Friday, April 25, 2025

Until Dawn Review

A movie adaptation of a video game, itself starring Hollywood actors, with gameplay like its own an interactive movie, "Until Dawn" is a strange one. It doesn't follow the game's plot, characters (save one) or really even its setting, instead taking the overall feel, like a small group of young adults in an isolated location terrorized by wendigos and a masked assailant. Gory deaths are also here, in all their R-rated glory, as well as the odd piece of cringy dialogue and that one annoying guy who you just can't wait to see get his comeuppance. Yup, it's a slasher film alright.

Only it's a bit deeper than that, much like the game itself: unique here though is that our cast of young actors are stuck in a time loop, reliving each night and being sliced, diced, blown-up, and more, repeatedly unless they can "survive the night." Or so explains a random witch, who momentarily turns main protagonist Clover (Ella Rubin) into a killer herself. Until she's hit by an SUV, that is, but boy am I getting ahead of myself.

See, Clover's sister Mel (Maia Mitchell) mysteriously disappeared a year ago, on her way to New York, just weeks after their mother dies off screen. Her friends stage a little getaway, in an attempt at getting closure, and the group finds themselves in Glore Valley, smack-dab in the middle of Nowhere, USA. On a rainy road, the only house they find is cryptically dry, the small area curiously surrounded by stormy clouds. Inside, the place looks abandoned, covered in dust, bone-dry pipes and electricity that only works when the plot calls for it. But once Nina (Odessa A'zion) signs the "guest book," night begins falls and that strange hourglass turns, sand slowly pouring and oh man, that's when things go off-rails and get a bit weird.
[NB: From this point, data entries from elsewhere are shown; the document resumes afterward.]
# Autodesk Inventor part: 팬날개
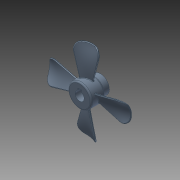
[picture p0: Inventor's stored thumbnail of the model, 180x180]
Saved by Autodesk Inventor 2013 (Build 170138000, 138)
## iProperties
Company: 한국ATC센터
Created: 2016-06
Part Number: 팬날개
Document SubType Name: Modeling
Designer: mdu
Density: 1.06 g/cm^3
Material: ABS 플라스틱
Mass: 29.2304 g
Surface Area: 148.222 cm^2
Volume: 27.5759 cm^3
Author: mdu
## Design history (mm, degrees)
sketch "스케치1"
  geometry: L1 (-15, 0)-(15, 0); L2 (-15, 0)-(-15, 17); L3 (-15, 17)-(5, 17); L4 (5, 17)-(5, 13); L5 (5, 13)-(15, 13); L6 (15, 13)-(15, 0); 2 further points
  constraints: 12 end point, 3 parallel, 2 perpendicular, 1 coincident, 1 horizontal, 1 midpoint
  dimensions: "d0" = 30 distance of L1.start L1.end; "d8" = 34 diameter of L3 L1; "d10" = 26 diameter of L5 L1; "d32" = 20 distance of L2.end L3.end
revolve "회전1" sketch "스케치1" stored, may be unused: angle "d11" = 90 deg
node "작업 평면2"
sketch "스케치7"
  geometry: L1 (-15, 17)-(5, 17) reference; L2 (-15, -17)-(5, -17) reference; L3 (-5, 17)-(-5, -17); A1 r 35 centre (-36.399, -13.457) between (-2, -7) and (-8, 7); 1 further point
  constraints: 2 end point, 2 midpoint, 2 point on circle, 1 centre point
  dimensions: "d36" = 35 radius of A1; "d37" = 10 distance from line of A1.start L2; "d38" = 10 distance from line of A1.end L1; "d45" = 3 distance from line of A1.end L3; "d46" = 3 distance from line of A1.start L3
sketch "3D 스케치1"
  geometry: L1 through (0, 0) direction (1, 0) reference; L2 through (0, 0) direction (1, 0) reference; 13 other entities
  constraints: 2 collinear
  node "투영 원본 위치 스케치7"
sketch "스케치8"
  geometry: L1 (-15, 17)-(5, 17) reference; L2 (-15, -17)-(5, -17) reference; L3 (-5, 17)-(-5, -17); A1 r 30 centre (-28.74, -3.591) between (-3, -19) and (-9, 19); 1 further point
  constraints: 2 end point, 2 midpoint, 2 point on circle, 1 centre point
  dimensions: "d43" = 30 radius of A1; "d47" = 4 distance from line of A1.end L3; "d48" = 2 distance from line of A1.start L3; "d58" = 2 distance from line of A1.end L1; "d59" = 2 distance from line of A1.start L2
sketch "3D 스케치2"
sketch "3D 스케치3"
feature "경계 패치1" sketch "3D 스케치2", "3D 스케치3" dims "d50" = 0
feature "연장1" dims "d55" = 2
feature "두껍게 하기1" dims "d51" = 2, "d52" = 2
sketch "스케치9"
  geometry: C1 r 59 at (0, 0); 1 further point
  constraints: 1 centre point, 1 coincident
  dimensions: "d60" = 118 diameter of C1
extrude "돌출2" sketch "스케치9" distance "d62" = 200; taper "d63" = 0 deg
fillet "모깎기6" dims "d64" = 10
fillet "모깎기7" dims "d66" = 0.8
fillet "모깎기8" dims "d67" = 0.8
sketch "스케치2"
  geometry: L1 (-2.5, 6)-(-2.5, 8.8); L2 (-2.5, 8.8)-(2.5, 8.8); L3 (2.5, 8.8)-(2.5, 6); A1 r 6.5 centre (0, 0) between (-2.5, 6) and (2.5, 6); 1 further point
  constraints: 6 end point, 2 parallel, 2 point on circle, 1 centre point, 1 coincident, 1 horizontal, 1 vertical
  dimensions: "d12" = 13 diameter of A1; "d13" = 5 distance of L1.end L2.end; "d14" = 15.3 dimension on A1 L2 (computed from d12)
extrude "돌출1" cut sketch "스케치2" stored distance "d15" = 10; taper "d16" = 0 deg
chamfer "모따기1" distance "d17" = 1; stored, may be unused: second distance "d18" = 2, angle "d19" = 45 deg
node "작업 평면1"
sketch "스케치3"
  geometry: L1 (5, -13)-(5, 13) reference; 3 further points
  constraints: 1 horizontal alignment, 1 midpoint
  dimensions: "d20" = 5 distance from line of L1 point (0, 0)
hole "구멍1" sketch "스케치3" at (0, 0) diameter "d21" = 3.242; stored, may be unused: countersink angle "d25" = 90 deg, drill point angle "d27" = 118 deg; dims "d22" = 6, "d23" = 4, "d24" = 2, "d26" = 8
fillet "모깎기9" dims "d77" = 2
fillet "모깎기10" dims "d78" = 2
fillet "모깎기11" dims "d79" = 2
node "솔리드1"
pattern_circular "원형 패턴1" dims "d69" = 360 deg
pattern_circular "원형 패턴2" dims angle "d72" = 360 deg
pattern_circular "원형 패턴3" dims angle "d75" = 360 deg
node "투영 원본 위치 스케치8"
node "곡면1"
node "곡면2"
node "곡면3"
node "곡면4"
feature "경계 패치2"
feature "경계 패치3"
feature "경계 패치4"
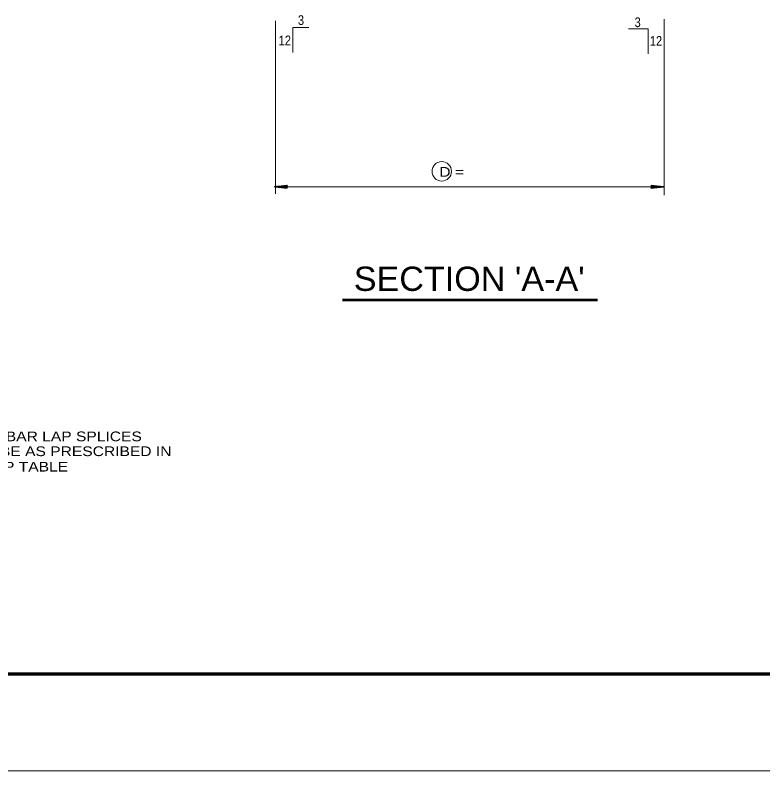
# Model space of a CAD drawing. Extents: x 6.34 to 9.53, y -1.46 to 0.53.
# Drawn here: x 7.487 to 8.128, y -1.459 to -0.81 of the extents above; entities that cross this region are included whole.
import ezdxf
from ezdxf.enums import TextEntityAlignment as Align

# ---------------------------------------------------------------- set-up
doc = ezdxf.new("R2010")
doc.units = 0
doc.header["$LTSCALE"] = 0.0033
doc.layers.add('1', color=7, linetype='Continuous', lineweight=40)

msp = doc.modelspace()

# ---------------------------------------------------------------- linework, layer by layer
at = {"layer": '1', "lineweight": 13}
for p, q in [((7.710083, -0.815333), (7.710083, -0.963583)), ((8.043417, -0.813833), (8.043417, -0.964833)), ((7.725, -0.821083), (7.725, -0.842417)), ((7.725, -0.821083), (7.738667, -0.821083)), ((8.013083, -0.82225), (8.02975, -0.82225)), ((8.02975, -0.82225), (8.02975, -0.843583)), ((7.709583, -0.957667), (8.042917, -0.957667)), ((9.53275, -1.458833), (6.336, -1.458833))]:
    msp.add_line(p, q, dxfattribs=at)
at = {"layer": '1', "lineweight": 35}
for p, q in [((7.720083, -0.957667), (7.7095, -0.957667)), ((7.719833, -0.9585), (7.712, -0.9575)), ((7.719833, -0.9585), (7.712, -0.957667)), ((7.719833, -0.958667), (7.712, -0.95775)), ((7.719833, -0.958667), (7.712, -0.95775)), ((7.719833, -0.958583), (7.712, -0.95775)), ((7.719833, -0.956583), (7.7125, -0.957417)), ((7.719833, -0.95675), (7.7125, -0.9575)), ((7.719833, -0.956833), (7.7125, -0.957667)), ((7.719917, -0.957), (7.712583, -0.95775)), ((8.03225, -0.957667), (8.042833, -0.957667)), ((8.032417, -0.958333), (8.03975, -0.957583)), ((8.0325, -0.956667), (8.040333, -0.957583)), ((8.0325, -0.956667), (8.040333, -0.957583)), ((8.0325, -0.95675), (8.040333, -0.957583)), ((8.0325, -0.956833), (8.040333, -0.957667)), ((8.0325, -0.956833), (8.040333, -0.957833)), ((8.0325, -0.9585), (8.039833, -0.957667)), ((8.0325, -0.958583), (8.039833, -0.957833)), ((8.0325, -0.95875), (8.039833, -0.957917))]:
    msp.add_line(p, q, dxfattribs=at)
at = {"layer": '1', "lineweight": 53}
msp.add_line((7.767667, -1.054583), (7.986417, -1.054583), dxfattribs=at)
at = {"layer": '1', "lineweight": 70}
msp.add_line((6.50275, -1.3755), (9.449417, -1.3755), dxfattribs=at)
at = {"layer": '1', "lineweight": 35}
for points in [[(7.720083, -0.95875), (7.7095, -0.957667), (7.720083, -0.9565), (7.7195, -0.957667)], [(7.719333, -0.95775), (7.714667, -0.957833), (7.714667, -0.95775), (7.715583, -0.95775), (7.719333, -0.957833), (7.716333, -0.957917), (7.7195, -0.958), (7.71725, -0.958083), (7.7195, -0.958167), (7.716, -0.957917), (7.711333, -0.95775), (7.71225, -0.9575), (7.711, -0.9575), (7.719333, -0.9575), (7.716917, -0.957333), (7.7195, -0.957333), (7.714167, -0.95775), (7.7195, -0.957083)], [(8.03225, -0.956583), (8.042833, -0.957667), (8.03225, -0.958833), (8.032833, -0.957667)], [(8.033, -0.957583), (8.037667, -0.9575), (8.037667, -0.957583), (8.03675, -0.957583), (8.033, -0.9575), (8.036, -0.957417), (8.032833, -0.957333), (8.035083, -0.95725), (8.032833, -0.957167), (8.036333, -0.957417), (8.041, -0.957583), (8.040083, -0.957833), (8.041333, -0.957833), (8.033, -0.957833), (8.035417, -0.958), (8.032833, -0.958), (8.038167, -0.957583), (8.032833, -0.95825)]]:
    msp.add_lwpolyline(points, close=True, dxfattribs=at)
for points in [[(7.719333, -0.95775), (7.71975, -0.9585), (7.7195, -0.95825), (7.719333, -0.957917), (7.719083, -0.958), (7.71925, -0.958333), (7.719417, -0.957583), (7.719583, -0.957083), (7.719833, -0.956667)], [(8.033, -0.957583), (8.032583, -0.956833), (8.032833, -0.957083), (8.033, -0.957417), (8.03325, -0.957333), (8.033083, -0.957), (8.032917, -0.95775), (8.03275, -0.95825), (8.0325, -0.958667)]]:
    msp.add_lwpolyline(points, dxfattribs=at)
at = {"layer": '1'}
msp.add_lwpolyline([(6.50275, -1.3755), (8.864417, -1.3755), (8.864417, -1.050417), (9.449417, -1.050417)], dxfattribs=at)
at = {"layer": '1', "lineweight": 13}
msp.add_circle((7.85275, -0.944417), 0.008333, dxfattribs=at)

# ---------------------------------------------------------------- texts
at = {"layer": '1', "width": 0.85}
for p in [(7.732042, -0.818833), (8.020792, -0.820667)]:
    msp.add_text('3', height=0.008334, dxfattribs=at).set_placement(p, align=Align.CENTER)
msp.add_text('12', height=0.008334, dxfattribs=at).set_placement((7.723417, -0.83625), align=Align.RIGHT)
at = {"layer": '1'}
for s, height, width, p in [('12', 0.008334, 0.85, (8.03125, -0.836667)), ('D =      ', 0.008334, 1.2, (7.850667, -0.949083)), ("SECTION 'A-A'", 0.02083, 1.05, (7.777333, -1.047)), ('NOTE: ALL REBAR LAP SPLICES', 0.008334, 1.2, (7.388167, -1.176)), ('SHALL BE AS PRESCRIBED IN', 0.008334, 1.2, (7.42775, -1.18875)), ('BAR LAP TABLE', 0.008334, 1.2, (7.42975, -1.202))]:
    msp.add_text(s, height=height, dxfattribs=dict(at, width=width)).set_placement(p)

doc.saveas('drawing.dxf')

"Until Dawn" doesn't really make a whole lotta sense, introducing ideas like the mutations, mining towns, psychiatric wards, psychics, monsters taller than trees and emotional trauma, only for it to be another excuse to show a lot of blood and guts. Characters use their phones (which naturally don't have any reception) to record one night, die, only to conveniently forget they ever did until the "last night" they have; bruises and scratches carry over between "tries" but they never really seem to learn how to handle everything that's trying to mutilate them. Not that the flick plays fair: do you dare drink the water from the bathroom sink in a place like this? In a movie like this? I think I'd rather use one of my "lives" dying of dehydration.

It's never exactly clear why all of this is happening either; even when a reason is implied by someone, who's name and actor I won't spoil (though any quick interwebs search should show you), it never explains how they too can exist in this world; are they also attacked? Does their night repeat as well? Or perhaps they themselves just a pawn in some greater game? I honestly have no idea, and left the theater wondering why they even bothered trying to come up with an answer.

One thing the filmmakers do a bit differently is not have the same night endlessly repeat; that cloaked villain from the prior attempt doesn't appear on the next. And this allows the script, credited to Gary Dauberman and Blair Butler, to get in a cute line about how this "isn't like in those movies." Finally, characters in a horror movie that aren't your usual stereotypical idiots.

Only the kind of are: I counted twice where someone tripped when being chased, groups splitting up several times instead of all staying together, things even an idiot like me knows not to do in a film like this. Of course, I did pay to go see it, so jokes on me I guess.